Why can’t Mr. Romney make any headway in the Palmetto State? It’s a puzzle the Romney campaign might want to solve, because if it can’t lock down all three early states, its ultra-targeted primary strategy simply stops making sense.

No one from the Romney campaign would return calls or emails yesterday to discuss what’s gone wrong, but a poll published by Rasmussen Reports on Wednesday gives the flavor of things: Mr. Romney is in fourth place, with just 10% of the Republican primary vote in South Carolina. Senator McCain, whose presidential campaign has all but collapsed, is at 14% in the poll; Mr. Giuliani is at 21%, and the yet-to-declare Fred Thompson leads with 23%. And this, it should be noted, is one of the better polls out of the state for Mr. Romney. Most have him in single digits.

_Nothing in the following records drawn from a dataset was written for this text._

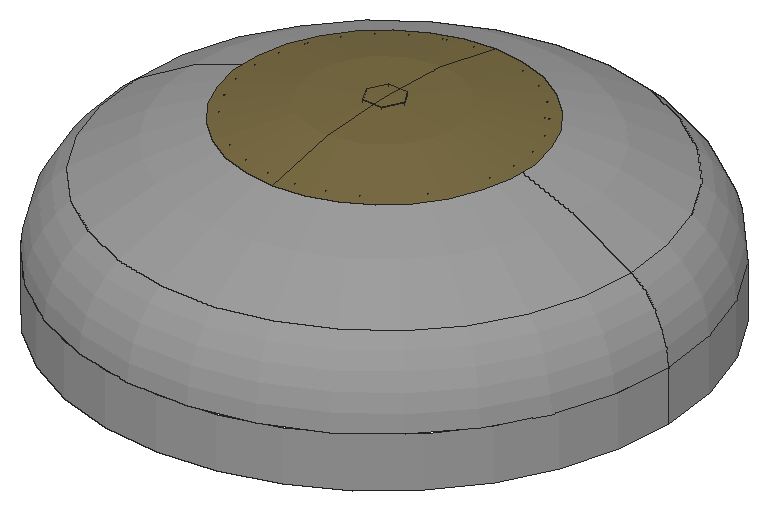
Revit family "MaviGard yangın alarm zili", category Fire Alarm Devices, host Face, Revit 2021
Family settings
  Host = Face
  Maintain Annotation Orientation = Yes
  Round Connector Dimension = Use Diameter
  Part Type = Normal
  OmniClass Number = 23.85.30.21
  OmniClass Title = Environmental Detection/Registration
  Cut with Voids When Loaded = No
  Shared = No
  Room Calculation Point = No
Parameters (values of type "MaviGard konvansiyonel yangın alarm zili")
  Weight = "610 gr"
  Weatherproof surface mounting back box = ""
  Warranty Duration Unit = "Year"
  Warranty Duration Parts = "2"
  Warranty Duration Labor = "2"
  Version = ""
  URL = "https://www.mavili.com.tr/"
  Recessed mounting base = ""
  Public Works Pose Number = "833-598"
  Protection Sign = "IP 51"
  Product Code = "MG-5400"
  Phone Number = "(+)90 216 466 45 05"
  Operatonal Voltage (default) = "24 V/DC"
  Operating voltage range = "18-33V/DC"
  Operating temperature = "(-10°C) - (+55°C)"
  Nominal Depth = "55 mm"
  Nominal Width = "150 mm"
  Nominal Height = "150 mm"
  Mounting surface = "Duvara montaj"
  Mounting height = "Zeminden 2,4 m yukarıda"
  Model = "MaviGard"
  Manufacturer = "Mavili Elektronik Ticaret A.Ş."
  Installation Manual = "https://mavilielektronik.com/Revit/MG5400_kk.pdf"
  Indicator output = ""
  Fax Number = "(+)90 216 466 45 10"
  External supply = ""
  Email = "mavili@mavili.com.tr"
  Disclaimer = ""
  Device Adress Setup = ""
  Description = "Yangın alarm zili"
  Default Elevation = 0 mm
  Current consumption = ""
  Cost unıt = ""
  Cost = 0
  Compatible sockets = ""
  Color = "Kırmızı"
  Code Performance = "EN 54-3"
  Main Material = "Red Metal"
  Secondary Material = "Metal"
  Address line 1 = "Şerifali Mahallesi Kutup Sokak No:27/1-2-4 Ümraniye TR-34775 İSTANBUL"
Reference planes
  plane 1 "Center (Front/Back)": y = 0
  plane 2: z = 0
  plane 3 "Center (Left/Right)": x = 0
Forms (mm)
  Revolve 1, solid, material "zil"
    sketch origin (0, 0, 5) x (1, 0, 0) y (0, 0, 1)
      loop
        line (0, 50) -> (0, 0) -> (75, 0) -> (75, 13.378)
        arc (75, 13.378) -> (72.352, 23.98) -> (65.327, 32.351) r 24.31
        arc (65.327, 32.351) -> (34.125, 46.583) -> (0, 50) r 104.989
      axis (0, 0) -> (0, 50)
    angle from 0 to 360
  Extrusion 2, solid, material "Mavili elektronik 1.renk"
    sketch origin (0, 0, 0) x (1, 0, 0) y (0, 1, 0)
      loop
        line (-35, 25) -> (-35, -25) -> (35, -25) -> (35, 25) -> (-35, 25)
    from 0 to 5
  Extrusion 3, solid, material "Mavili elektronik 1.renk"
    sketch origin (-889.532, -7731.113, 55) x (1, 0, 0) y (0, 1, 0)
      loop
        line (894.532, 7731.503) -> (892.032, 7735.833) -> (887.032, 7735.833) -> (884.532, 7731.503) -> (887.032, 7727.173) -> (892.032, 7727.173) -> (894.532, 7731.503)
    from 0 to 1
  Revolve 4, solid, material "Zil siyah"
    sketch origin (0, 0, 0.1) x (0, 1, 0) y (0, 0, 1)
      loop
        arc (0, 55.5) -> (-18.54, 54.874) -> (-36.682, 50.998) r 105.073
        line (-36.682, 50.998) -> (0, 50.998) -> (0, 55.5)
      axis (0, 50.998) -> (0, 55.5)
    angle from 0 to 360
Dimensions and locks
  Extrusion 3 to host face = 56 mm
  aligned and locked: plane 2 to host face
  aligned and locked: level to host face
  aligned and locked: Revolve 1 to Extrusion 2

Plenty of explanations could be offered for this poor showing, but none seems satisfactory. Mr. Romney has spent money in South Carolina. The state’s largest newspaper, the State, reports that he’s spent more than $1 million there already on ads and organization. He’s spent time in the state. He started coming in 2005 and has courted the major players extensively.

Then, of course, there’s what an associate professor of political science at Winthrop University in South Carolina, Scott Huffmon, calls “the Mormon thing.” Mr. Huffmon, who directs the Winthrop/ETV Poll, says that while the issue “isn’t talked about a lot in the open … it is lurking behind the scenes.” The vast majority of South Carolinians (upward of three-quarters) describe themselves as “very religious.” And by far the plurality of those religious folks are Southern Baptists. And if you want to know what Southern Baptists think of Mormons — well, just take a look at the Web site of the Southern Baptist Convention, type “Mormon” into the search box, and call me when your eyes stop bleeding.

Still, the Mormon explanation is less than convincing. Gallup did a poll earlier this year asking Americans whether they would vote for a presidential candidate belonging to one of several minority groups, including Catholic, black, Hispanic, Jewish, Mormon, gay, and atheist. Only 72% said they would vote for a Mormon (compared to 95% for a Catholic and 92% for a Jew). But the number who would do so wasn’t particularly lower in the South, at 68%, than in, say, the Midwest, at 65%, where Mr. Romney has managed to do decently.

So what’s left? It all may come right down to personality.

One South Carolina Republican insider, who was once up for grabs but is now supporting a non-Mitt candidate, explained it to me this way: “He left me cold.” That sentiment was shared by a South Carolina political consultant, Chip Felkel. Mr. Romney is “too slick, too focus-grouped,” Mr. Felkel told me.

While the Mormon issue might affect 5% to 10% of the Republican primary electorate, it’s mostly just a “deal closer” for voters who don’t want to support Mr. Romney anyway.

Mr. Romney’s been able to succeed elsewhere, Mr. Felkel speculates, because he’s been dealing with a specific breed of voter. “The Iowa voter and the New Hampshire voter have developed this terrific self-regard,” Mr. Felkel said. “If someone does not come out there and kiss their rear end all the time, they punish them.” Mr. Romney’s been puckering up.

South Carolina voters simply don’t work like that.

The problem for Mr. Romney is that if he wins only one or two out of the three early states, he won’t enter the January 29 Florida primary and the February 5 20-plus-state primary as the undisputed front-runner. In that case, there’s a nationwide race on between him and Messrs. Giuliani and Thompson. And both of his opponents are far stronger nationwide.

The straw poll win may have been nice for Mr. Romney. But without the ability to compete down South, it may prove to have been something less than a straw in the wind.